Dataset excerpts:
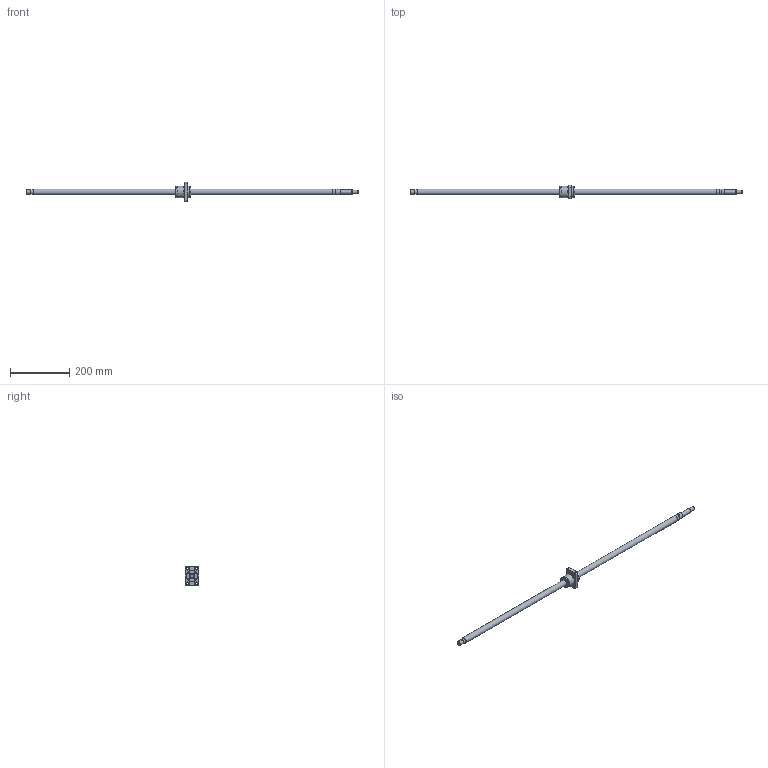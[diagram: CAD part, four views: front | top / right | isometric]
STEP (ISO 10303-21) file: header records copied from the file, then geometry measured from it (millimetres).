
FILE_DESCRIPTION(/* description */ ('STEP AP203'),/* implementation_level */ '2;1');
FILE_NAME(/* name */ 'BNK2020-3.6G0+1120LC5Y(5310)',/* time_stamp */ '2024-07-09T09:40:38+02:00',/* author */ ('License CC BY-ND 4.0'),/* organization */ ('CADENAS'),/* preprocessor_version */ 'ST-DEVELOPER v19.3',/* originating_system */ 'PARTsolutions',/* authorisation */ ' ');
FILE_SCHEMA (('CONFIG_CONTROL_DESIGN'));
Length unit declared in the file: millimetre
Products named in the file (3): BNK2020-3.6G0+1120LC5Y(5310); BNK 2020-3.6G0+1120LC5Y Shaft; BNK 2020-3.6G0+1120LC5Y0 Nut
Assembly tree (2 placements, depth 2):
  BNK2020-3.6G0+1120LC5Y(5310)
    BNK 2020-3.6G0+1120LC5Y Shaft
    BNK 2020-3.6G0+1120LC5Y0 Nut
Bounding box: 1120 x 46 x 66 mm (x, y, z)
Volume: 396882.8 mm3; surface area: 87064.2 mm2
Topology: 2 solids, 2 shells, 136 faces, 309 edges, 199 vertices
Faces by surface type: plane 75, cylinder 35, cone 20, torus 6
Full cylindrical faces by diameter (mm): 5.188 x1, 5.5 x4, 6.6 x4, 11 x4, 12 x1, 14.3 x1, 15 x3, 18 x1, 19.5 x1, 20 x2, 35.1 x1, 38 x2, 39 x2
Entity records: 3695 total; most frequent: CARTESIAN_POINT 671, DIRECTION 626, ORIENTED_EDGE 528, EDGE_CURVE 264, AXIS2_PLACEMENT_3D 247, FACE_BOUND 210, EDGE_LOOP 209, VERTEX_POINT 196

### Problem statement:
What lines in the data above contain the word "records"? Show them all.

### Answer box:
STEP (ISO 10303-21) file: header records copied from the file, then geometry measured from it (millimetres).
Entity records: 3695 total; most frequent: CARTESIAN_POINT 671, DIRECTION 626, ORIENTED_EDGE 528, EDGE_CURVE 264, AXIS2_PLACEMENT_3D 247, FACE_BOUND 210, EDGE_LOOP 209, VERTEX_POINT 196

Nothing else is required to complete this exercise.